(Data extracted from a collection)

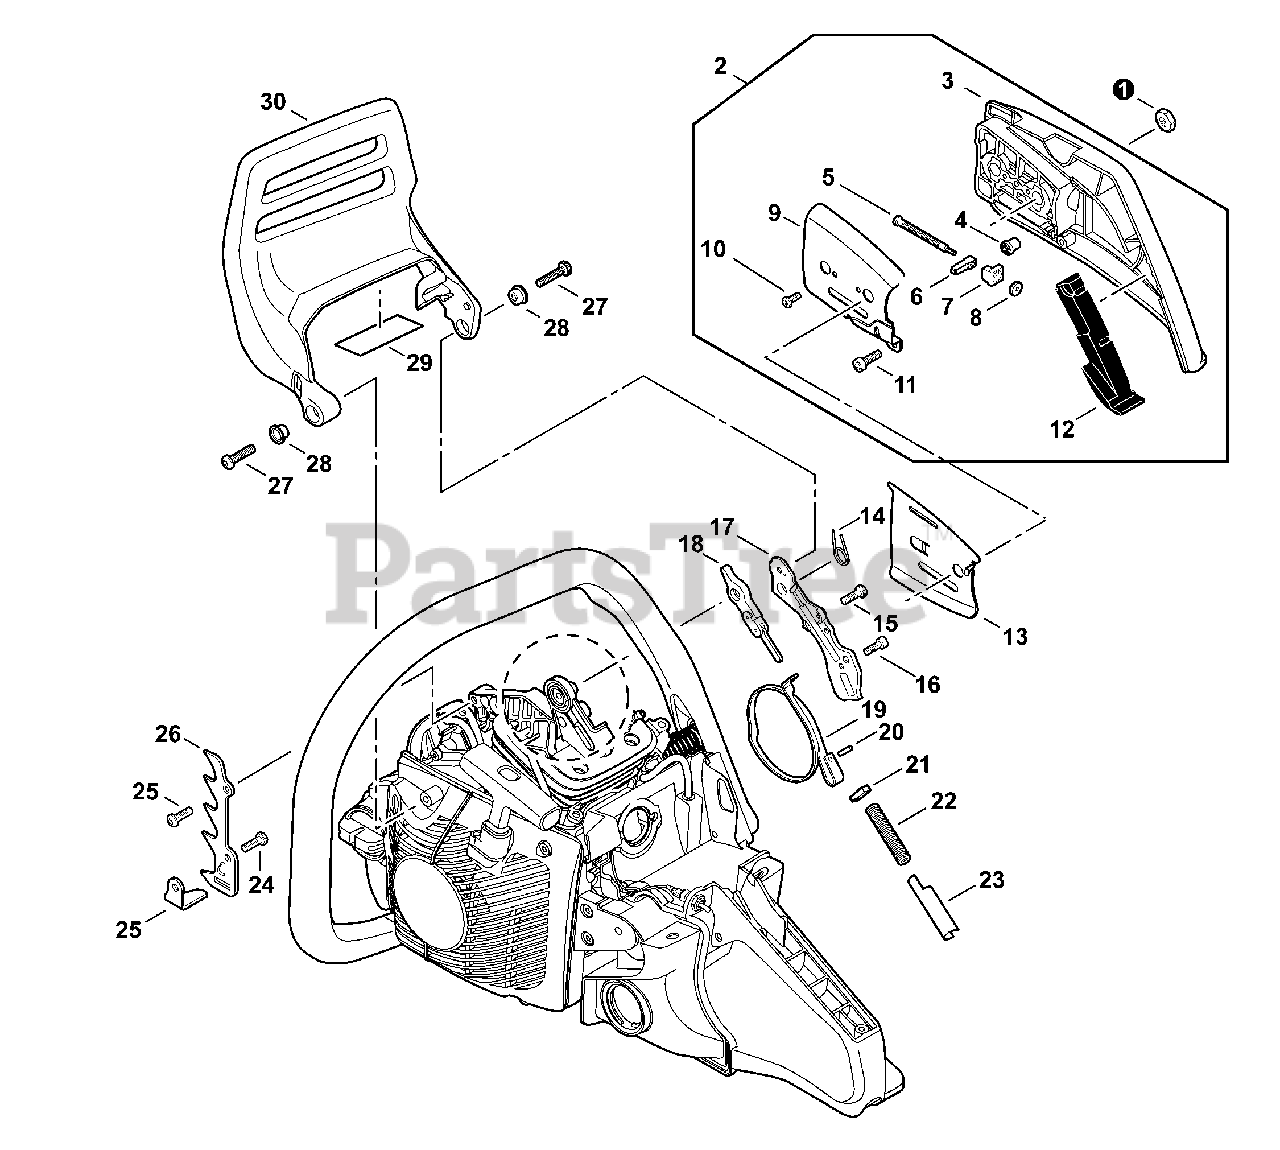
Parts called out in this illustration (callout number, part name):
1	NUT, FLANGE M8×1.25
2	GUARD KIT, SPROCKET
3	GUARD, SPROCKET
4	GEAR, BEVEL
5	SCREW, CHAIN TENSION 63 MM
6	TENSIONER, CHAIN
7	COLLAR 8
8	GEAR, BEVEL
9	PLATE, GUIDE - OUTER
10	SCREW 3×6
11	BOLT, TORX 4×12
12	CUSHION
13	PLATE, GUIDE - INNER
14	SPRING, TORSION
15	BOLT, TORX 5×16
16	BOLT, TORX 4×12
17	COVER, BRAKE
18	CONNECTOR, BRAKE
19	BAND, BRAKE
20	PIN, SPRING 3x-9.8
22	SPRING, COMPRESSION Ø12×70.5
23	PLATE, SIDE
24	BOLT, TORX 5×16
25	CHAIN CATCHER
26	SPIKE, BUMPER
27	BOLT, TORX 5×16
28	COLLAR 11.2×16.2×T0.6
29	SHIELD, HEAT 75×27×0.15
30	LEVER, BRAKE
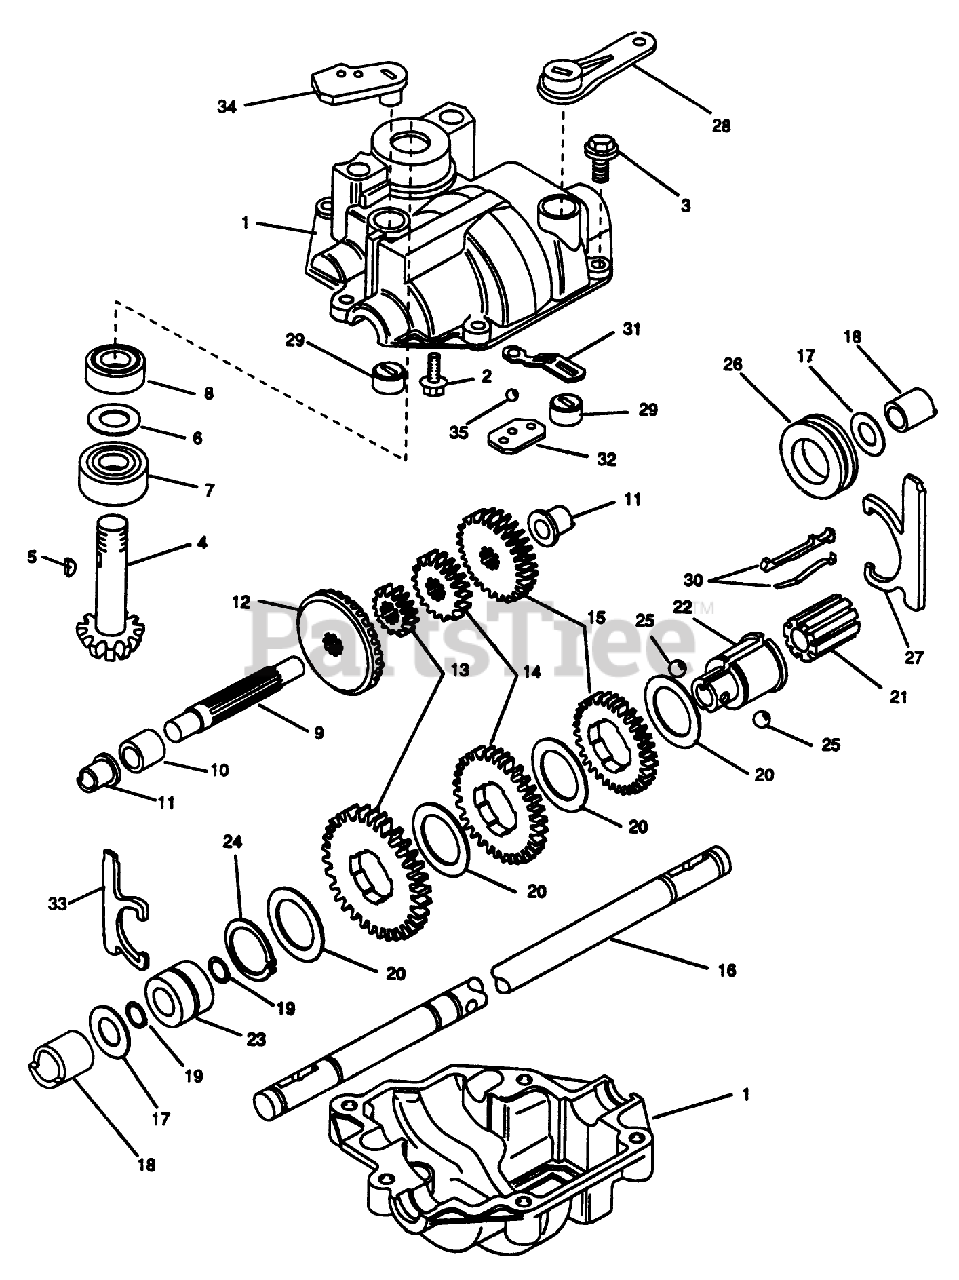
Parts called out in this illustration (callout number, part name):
5	KEY GALGER
7	BEARING
8	BEARING
12	GEAR-RING
22	COLLAR-SHFT
34	ARM - CLUTCH

### Exercise directions
Print the data above exactly; drop every picture.

### Exercise output
Parts called out in this illustration (callout number, part name):
1	NUT, FLANGE M8×1.25
2	GUARD KIT, SPROCKET
3	GUARD, SPROCKET
4	GEAR, BEVEL
5	SCREW, CHAIN TENSION 63 MM
6	TENSIONER, CHAIN
7	COLLAR 8
8	GEAR, BEVEL
9	PLATE, GUIDE - OUTER
10	SCREW 3×6
11	BOLT, TORX 4×12
12	CUSHION
13	PLATE, GUIDE - INNER
14	SPRING, TORSION
15	BOLT, TORX 5×16
16	BOLT, TORX 4×12
17	COVER, BRAKE
18	CONNECTOR, BRAKE
19	BAND, BRAKE
20	PIN, SPRING 3x-9.8
22	SPRING, COMPRESSION Ø12×70.5
23	PLATE, SIDE
24	BOLT, TORX 5×16
25	CHAIN CATCHER
26	SPIKE, BUMPER
27	BOLT, TORX 5×16
28	COLLAR 11.2×16.2×T0.6
29	SHIELD, HEAT 75×27×0.15
30	LEVER, BRAKE
Parts called out in this illustration (callout number, part name):
5	KEY GALGER
7	BEARING
8	BEARING
12	GEAR-RING
22	COLLAR-SHFT
34	ARM - CLUTCH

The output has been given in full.